Available records:
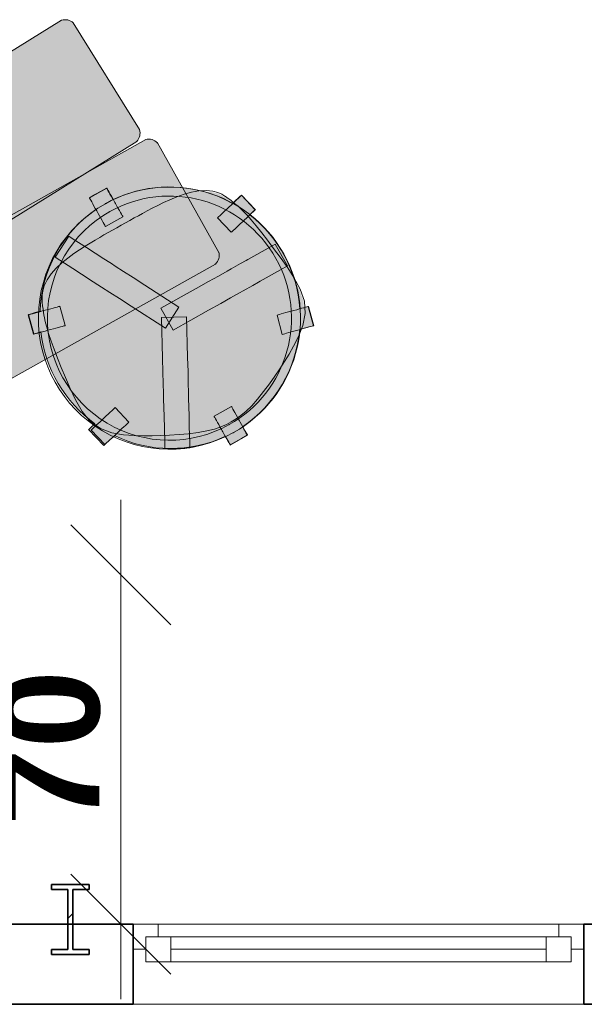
# Model space of a CAD drawing. Header units: millimetres. Extents: x 5 to 415, y 5 to 292.
# Tile 13 of 107: x 247 to 258, y 51 to 71. Entities that reach past the tile are written whole.
import ezdxf
from ezdxf.xclip import XClip

# ---------------------------------------------------------------- set-up
doc = ezdxf.new("R2010")
doc.units = ezdxf.units.MM
doc.header["$MEASUREMENT"] = 0
doc.header["$XCLIPFRAME"] = 0
for name, color, linetype in [('01-007-DESSINS IMPORTES_GEOMETRE_EXTERNES_XREF', 7, 'Continuous'), ('02-006-STRUCTURE BETON PORTEUR', 7, 'Continuous'), ('02-011-POTEAUX METALLIQUES', 7, 'Continuous'), ('10-002-LOCALISATION ET TYPE FAUX PLAFONDS', 7, 'Continuous'), ('Fenêtres Archicad', 7, 'Continuous'), ('Nouveau_07-001-MOBILIER CONTRACTUEL', 7, 'Continuous')]:
    doc.layers.add(name, color=color, linetype=linetype)
doc.styles.add('STYLE_GENERE_1', font='Arial Bold.ttf')

# ---------------------------------------------------------------- blocks, each defined once
blk = doc.blocks.new('Dessin_1_1', base_point=(-19.415, 56.033))
at = {"layer": '02-011-POTEAUX METALLIQUES', "linetype": 'Continuous', "lineweight": 0, "true_color": 0xffffff}
h = blk.add_hatch(dxfattribs=at)
h.set_pattern_fill('Pierre_naturelle_0001', style=0, pattern_type=2)
h.set_pattern_definition([(45, (-19.415, 56.0333), (-1.59099, 1.59099), []), (45, (-19.9454, 56.5637), (-1.59099, 1.59099), [])])
h.paths.add_polyline_path([(248.407, 52.242), (248.407, 52.342), (248.082, 52.342), (248.082, 53.542), (248.407, 53.542), (248.407, 53.642), (247.657, 53.642), (247.657, 53.542), (247.982, 53.542), (247.982, 52.342), (247.657, 52.342), (247.657, 52.242)])
at = {"layer": 'Nouveau_07-001-MOBILIER CONTRACTUEL', "linetype": 'Continuous', "lineweight": 0, "true_color": 0xffffff}
for points in [[(245.272, 65.946), (249.36, 68.484, 0.269434), (249.415, 68.72), (248.093, 70.85, 0.269434), (247.857, 70.905), (243.769, 68.367, 0.269434), (243.714, 68.131), (245.036, 66.001, 0.269434)], [(249.54, 68.521), (245.343, 66.168, 0.269434), (245.278, 65.934), (246.504, 63.748, 0.269434), (246.738, 63.682), (250.934, 66.035, 0.269434), (251, 66.269), (249.774, 68.456, 0.269434)], [(247.446, 64.681, 0.212206), (248.525, 62.847), (248.502, 62.825), (248.47, 62.795), (248.443, 62.769), (248.422, 62.75), (248.407, 62.736), (248.4, 62.729), (248.702, 62.408), (248.709, 62.415), (248.723, 62.428), (248.73, 62.435), (248.744, 62.448), (248.765, 62.468), (248.792, 62.493), (248.825, 62.523), (248.861, 62.557), (248.893, 62.587), (248.914, 62.607, 0.226114), (251.135, 62.594), (251.162, 62.546), (251.183, 62.508), (251.202, 62.475), (251.216, 62.45), (251.225, 62.433), (251.23, 62.424), (251.457, 62.551), (251.57, 62.615), (251.565, 62.624), (251.556, 62.641), (251.542, 62.666), (251.524, 62.698), (251.502, 62.737), (251.478, 62.78, 0.226114), (252.617, 64.728), (252.657, 64.738), (252.709, 64.753), (252.757, 64.766), (252.8, 64.778), (252.836, 64.788), (252.863, 64.795), (252.882, 64.801), (252.892, 64.803), (252.786, 65.189), (252.776, 65.186), (252.757, 65.181), (252.729, 65.173), (252.694, 65.163), (252.651, 65.152), (252.62, 65.143, 0.212206), (251.619, 67.02), (251.655, 67.054), (251.682, 67.08), (251.703, 67.099), (251.718, 67.113), (251.725, 67.12), (251.451, 67.412), (251.444, 67.405), (251.43, 67.391), (251.409, 67.372), (251.382, 67.346), (251.349, 67.316), (251.313, 67.282), (251.276, 67.247, 0.241376), (248.887, 67.322), (248.876, 67.342), (248.849, 67.389), (248.825, 67.432), (248.803, 67.471), (248.785, 67.503), (248.771, 67.528), (248.762, 67.545), (248.757, 67.554), (248.563, 67.446), (248.483, 67.401), (248.414, 67.359), (248.419, 67.35), (248.428, 67.333), (248.442, 67.308), (248.46, 67.275), (248.482, 67.237), (248.506, 67.193), (248.533, 67.146), (248.545, 67.124, 0.240912), (247.432, 65.091), (247.382, 65.078), (247.334, 65.065), (247.292, 65.053), (247.256, 65.043), (247.228, 65.035), (247.209, 65.03), (247.2, 65.027), (247.306, 64.642), (247.316, 64.644), (247.335, 64.65), (247.362, 64.657), (247.398, 64.667), (247.441, 64.679)], [(251.333, 62.958), (251.43, 63.024), (251.533, 63.109), (251.644, 63.218), (251.761, 63.35), (251.88, 63.499), (251.994, 63.655), (252.102, 63.81), (252.202, 63.955), (252.295, 64.097), (252.386, 64.244), (252.479, 64.407), (252.577, 64.597), (252.659, 64.81), (252.705, 65.046), (252.695, 65.29), (252.61, 65.527), (252.483, 65.755), (252.346, 65.967), (252.21, 66.161), (252.08, 66.337), (251.958, 66.498), (251.842, 66.648), (251.734, 66.784), (251.632, 66.905), (251.547, 67.003), (251.485, 67.067), (251.441, 67.11), (251.406, 67.142), (251.371, 67.173), (251.327, 67.211), (251.277, 67.252), (251.228, 67.292), (251.176, 67.331), (251.121, 67.37), (251.051, 67.411), (250.974, 67.445), (250.876, 67.47), (250.748, 67.483), (250.605, 67.478), (250.459, 67.453), (250.313, 67.412), (250.169, 67.359), (250.032, 67.301), (249.907, 67.244), (249.79, 67.188), (249.681, 67.132), (249.579, 67.079), (249.488, 67.03), (249.402, 66.984), (249.317, 66.937), (249.232, 66.89), (249.145, 66.842), (249.058, 66.793), (248.97, 66.744), (248.884, 66.695), (248.799, 66.647), (248.715, 66.598), (248.631, 66.549), (248.542, 66.497), (248.443, 66.438), (248.338, 66.374), (248.23, 66.304), (248.116, 66.226), (247.995, 66.14), (247.875, 66.044), (247.763, 65.941), (247.666, 65.83), (247.587, 65.71), (247.531, 65.594), (247.501, 65.497), (247.49, 65.415), (247.489, 65.342), (247.493, 65.266), (247.5, 65.202), (247.508, 65.138), (247.517, 65.075), (247.527, 65.017), (247.535, 64.971), (247.544, 64.925), (247.557, 64.864), (247.58, 64.779), (247.619, 64.655), (247.669, 64.505), (247.729, 64.341), (247.796, 64.164), (247.87, 63.976), (247.952, 63.774), (248.047, 63.556), (248.156, 63.33), (248.284, 63.102), (248.443, 62.906), (248.645, 62.77), (248.871, 62.686), (249.096, 62.645), (249.309, 62.63), (249.496, 62.624), (249.669, 62.624), (249.839, 62.63), (250.014, 62.639), (250.203, 62.651), (250.396, 62.667), (250.585, 62.691), (250.759, 62.722), (250.909, 62.759), (251.036, 62.803), (251.143, 62.851), (251.239, 62.903)]]:
    blk.add_hatch(color=7, dxfattribs=at).paths.add_polyline_path(points)
at = {"layer": '02-006-STRUCTURE BETON PORTEUR', "color": 7, "linetype": 'Continuous', "lineweight": 35}
for p, q in [((249.292, 52.85), (249.292, 52.35)), ((258.292, 52.85), (258.292, 52.35)), ((249.292, 52.35), (249.292, 51.25)), ((258.292, 52.35), (258.292, 51.25))]:
    blk.add_line(p, q, dxfattribs=at)
at = {"layer": '02-006-STRUCTURE BETON PORTEUR', "color": 7, "linetype": 'Continuous', "lineweight": 35, "flags": 128}
for points in [[(249.292, 52.85), (245.892, 52.85)], [(261.092, 52.85), (258.292, 52.85)], [(245.892, 51.25), (249.292, 51.25)], [(258.292, 51.25), (261.092, 51.25)]]:
    blk.add_lwpolyline(points, dxfattribs=at)
at = {"layer": '02-011-POTEAUX METALLIQUES', "color": 7, "linetype": 'Continuous', "lineweight": 35}
for p, q in [((248.407, 53.642), (247.657, 53.642)), ((247.657, 53.642), (247.657, 53.542)), ((247.657, 53.542), (247.982, 53.542)), ((247.982, 53.542), (247.982, 52.342)), ((248.082, 52.342), (248.082, 53.542)), ((248.082, 53.542), (248.407, 53.542)), ((248.407, 53.542), (248.407, 53.642)), ((247.982, 52.342), (247.657, 52.342)), ((247.657, 52.342), (247.657, 52.242)), ((248.407, 52.342), (248.082, 52.342)), ((248.407, 52.242), (248.407, 52.342)), ((247.657, 52.242), (248.407, 52.242))]:
    blk.add_line(p, q, dxfattribs=at)
at = {"layer": '10-002-LOCALISATION ET TYPE FAUX PLAFONDS', "color": 7, "linetype": 'Continuous', "lineweight": 20}
for p, q in [((249.043, 59.827), (249.043, 61.327)), ((250.043, 58.827), (248.043, 60.827)), ((249.043, 52.85), (249.043, 59.827)), ((248.043, 53.85), (250.043, 51.85)), ((249.043, 51.35), (249.043, 52.85))]:
    blk.add_line(p, q, dxfattribs=at)
at = {"layer": 'Fenêtres Archicad', "color": 7, "linetype": 'Continuous', "lineweight": 13}
for p, q in [((258.292, 52.85), (249.292, 52.85)), ((249.792, 52.85), (257.792, 52.85)), ((257.542, 52.1), (250.042, 52.1)), ((258.292, 51.25), (249.292, 51.25))]:
    blk.add_line(p, q, dxfattribs=at)
at = {"layer": 'Fenêtres Archicad', "color": 7, "linetype": 'Continuous', "lineweight": 20}
for p, q in [((249.292, 52.85), (249.792, 52.85)), ((249.792, 52.85), (249.792, 52.6)), ((257.792, 52.6), (257.792, 52.85)), ((257.792, 52.85), (258.292, 52.85)), ((249.792, 52.6), (249.542, 52.6)), ((249.542, 52.6), (249.542, 52.35)), ((249.542, 52.6), (250.042, 52.6)), ((249.542, 52.1), (249.542, 52.6)), ((250.042, 52.6), (250.042, 52.1)), ((250.042, 52.6), (257.542, 52.6)), ((257.542, 52.1), (257.542, 52.6)), ((257.542, 52.6), (258.042, 52.6)), ((258.042, 52.6), (257.792, 52.6)), ((258.042, 52.35), (258.042, 52.6)), ((258.042, 52.6), (258.042, 52.1)), ((249.542, 52.35), (249.292, 52.35)), ((257.542, 52.35), (250.042, 52.35)), ((258.292, 52.35), (258.042, 52.35)), ((250.042, 52.1), (249.542, 52.1)), ((257.542, 52.1), (250.042, 52.1)), ((258.042, 52.1), (257.542, 52.1))]:
    blk.add_line(p, q, dxfattribs=at)
at = {"layer": 'Fenêtres Archicad', "color": 7, "linetype": 'Continuous', "lineweight": 35}
for p, q in [((249.292, 52.85), (249.292, 52.35)), ((249.292, 52.85), (249.292, 52.35)), ((258.292, 52.85), (258.292, 52.35)), ((258.292, 52.85), (258.292, 52.35)), ((249.292, 52.35), (249.292, 51.25)), ((258.292, 52.35), (258.292, 51.25))]:
    blk.add_line(p, q, dxfattribs=at)
at = {"layer": 'Nouveau_07-001-MOBILIER CONTRACTUEL', "color": 7, "linetype": 'Continuous', "lineweight": 13}
for p, q in [((243.769, 68.367), (247.857, 70.905)), ((248.093, 70.85), (249.415, 68.72)), ((249.36, 68.484), (245.272, 65.946)), ((245.343, 66.168), (249.54, 68.521)), ((249.774, 68.456), (251, 66.269)), ((248.763, 67.554), (248.414, 67.359)), ((248.563, 67.446), (248.757, 67.554)), ((248.757, 67.554), (248.762, 67.545)), ((248.762, 67.545), (248.771, 67.528)), ((248.763, 67.554), (248.767, 67.546)), ((248.767, 67.546), (248.777, 67.529)), ((248.771, 67.528), (248.785, 67.503)), ((248.777, 67.529), (248.791, 67.503)), ((248.785, 67.503), (248.803, 67.471)), ((248.791, 67.503), (248.809, 67.471)), ((248.803, 67.471), (248.825, 67.432)), ((248.809, 67.471), (248.831, 67.433)), ((248.414, 67.359), (248.485, 67.399)), ((248.414, 67.359), (248.419, 67.35)), ((248.419, 67.35), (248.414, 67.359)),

Problem to work on:
Determine the count of lines in the data above with the string "paths" in them, and give that count alone.

Solution to this problem:
2